Travel Africa looks at a couple of new products to reduce jet lag, and highlights some of the tried and tested methods that will help you arrive feeling fresh.
Putting the squeeze on
Most people know about the impact of flying long distances on our internal (Circadian) clock, but less know about another key factor – oxygen starvation, due to there being 20-25 per cent less oxygen in an airplane cabin than our bodies are used to. The influential, non-profit, Aviation Health Institute (AHI), as well as the NHS, believes that lower levels of oxygen play a significant role in jet lag.
To combat this when travelling to and from events, elite athletes in Australia have been wearing Skins Travel and Recovery tights underneath their tracksuits. These high-tech garments use gradient compression to maintain a healthy circulation, minimise swelling and dehydration by directly countering oxygen starvation. While helpful in keeping Olympians fresh, these tights are no less beneficial to travellers, whether flying long-haul for pleasure or business.
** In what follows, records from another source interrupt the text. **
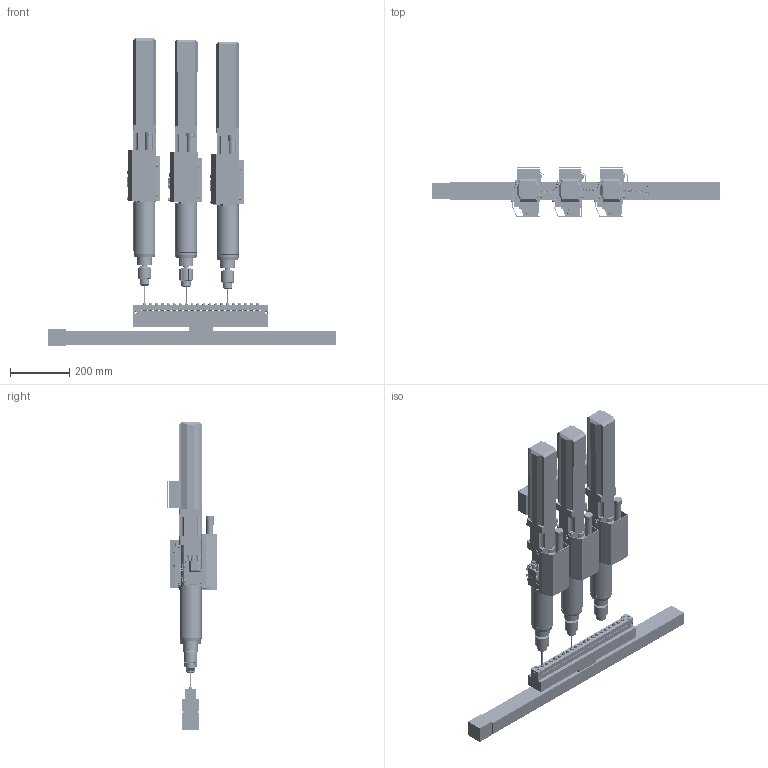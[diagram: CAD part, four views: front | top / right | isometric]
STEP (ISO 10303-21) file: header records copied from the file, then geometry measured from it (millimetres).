
FILE_DESCRIPTION(('Open CASCADE Model'),'2;1');
FILE_NAME('Open CASCADE Shape Model','2026-07-29T09:20:56',('Author'),( 'Open CASCADE'),'Open CASCADE STEP processor 7.8','Open CASCADE 7.8' ,'Unknown');
FILE_SCHEMA(('AUTOMOTIVE_DESIGN { 1 0 10303 214 1 1 1 1 }'));
Length unit declared in the file: millimetre
Products named in the file (32): STATION-1; A_bolt_00; A_bolt_01; A_bolt_02; A_bolt_03; A_bolt_04; A_bolt_05; A_bolt_06; A_bolt_07; A_bolt_08; A_rail_09; A_bolt_10; A_bolt_11; A_bolt_12; A_bolt_13; A_bolt_14; A_bolt_15; A_bolt_16; A_bolt_17; A_bolt_18; A_bolt_19; A_bolt_20; A_pin_21; A_rail_22; A1_chamfer_head; A1_tool; A2_drill50_head; A2_tool; A3_drill100_head; A3_tool; A_carrier_beam; A_slide_module
Assembly tree (31 placements, depth 2):
  STATION-1
    A_bolt_00
    A_bolt_01
    A_bolt_02
    A_bolt_03
    A_bolt_04
    A_bolt_05
    A_bolt_06
    A_bolt_07
    A_bolt_08
    A_rail_09
    A_bolt_10
    A_bolt_11
    A_bolt_12
    A_bolt_13
    A_bolt_14
    A_bolt_15
    A_bolt_16
    A_bolt_17
    A_bolt_18
    A_bolt_19
    A_bolt_20
    A_pin_21
    A_rail_22
    A1_chamfer_head
    A1_tool
    A2_drill50_head
    A2_tool
    A3_drill100_head
    A3_tool
    A_carrier_beam
    A_slide_module
Bounding box: 970 x 169 x 1036 mm (x, y, z)
Volume: 4493200 mm3; surface area: 2057106.9 mm2
Topology: 31 solids, 220 shells, 4592 faces, 17189 edges, 12849 vertices
Faces by surface type: plane 2472, cylinder 1449, cone 578, bspline 64, torus 20, revolution 9
Full cylindrical faces by diameter (mm): 3 x42, 3.5 x2, 5 x8, 6 x21, 6.5 x2, 6.8 x4, 8 x30, 8.75 x20, 10 x60, 12 x20, 14 x2, 17 x20
Entity records: 453406 total; most frequent: CARTESIAN_POINT 166265, DIRECTION 51630, LINE 29751, VECTOR 29751, ORIENTED_EDGE 27358, PCURVE 27358, DEFINITIONAL_REPRESENTATION 27358, EDGE_CURVE 17168

In a recent study published in the Medical Journal of Australia, researchers found that Qantas pilots and passengers wearing these tights on flights that lasted over five hours had significantly improved circulation and mental awareness, and decreased leg pain.
Unlike other compression socks or stockings which apply pressure indiscriminately, Skins Travel and Recovery tights use fabric panels which are stitched together so that pressure is applied directly to specific muscles, which increases venous return (the flow of oxygenated blood back to the heart) by up to 30 per cent with all its attendant benefits.
Thankfully the Lycra and Meryl Microfibre has been treated with an antibacterial material to help keep you smelling as fresh as you feel. The Skins Travel and Recovery tights retail at around £60 and come in twelve different sizes to ensure wearers can get a perfect fit. They are available at independent sports shops or online outlets.
For more details visit www.skins.net
Getting a jump start
While the Skins tights successfully tackle the effects of reduced oxygen while flying, a novel new product is aimed at helping to counteract the affects caused by the disruption of your Circadian clock, the internal system that dictates the usual timing of eating, sleeping, hormone regulation and body temperature. One effect of long-haul flights across time zones is that your brain produces less alpha-waves (electromagnetic oscillations in the brain or brain waves), which are usually produced during a normal resting period. This usually results in travellers feeling disorientated and unable to concentrate at normal levels.
The Alpha-Stim SCS uses microcurrent electrical therapy to help the brain produce the same amount of alpha-waves that would be produced during a normal resting period, effectively jump starting the body’s cellular activity. While this product is new, the technology is not and has been used to treat conditions such as insomnia, chronic fatigue, depression and migraines. Retailing in the UK at over £400, it is available at www.themicrocurrentsite.co.uk/
Time-tested tips to further reduce jet lag
- Drink plenty of water before, during and after the flight to avoid dehydration.
• Sleep well in the days before the flight. Start adjusting your bed times by an hour a day if travelling to a distant time zone.
• Set your watch to the time of destination when you board the plane.
• Sleep on the plane if it is nighttime at your destination.
• Stay awake during your flight if it is daytime at your destination.
• Avoid coffee, alcohol and unnecessary medication while in flight.
• Eat lightly on board.
• Exercise while on the plane. Don’t just walk around the cabin – stretch in your chair as well.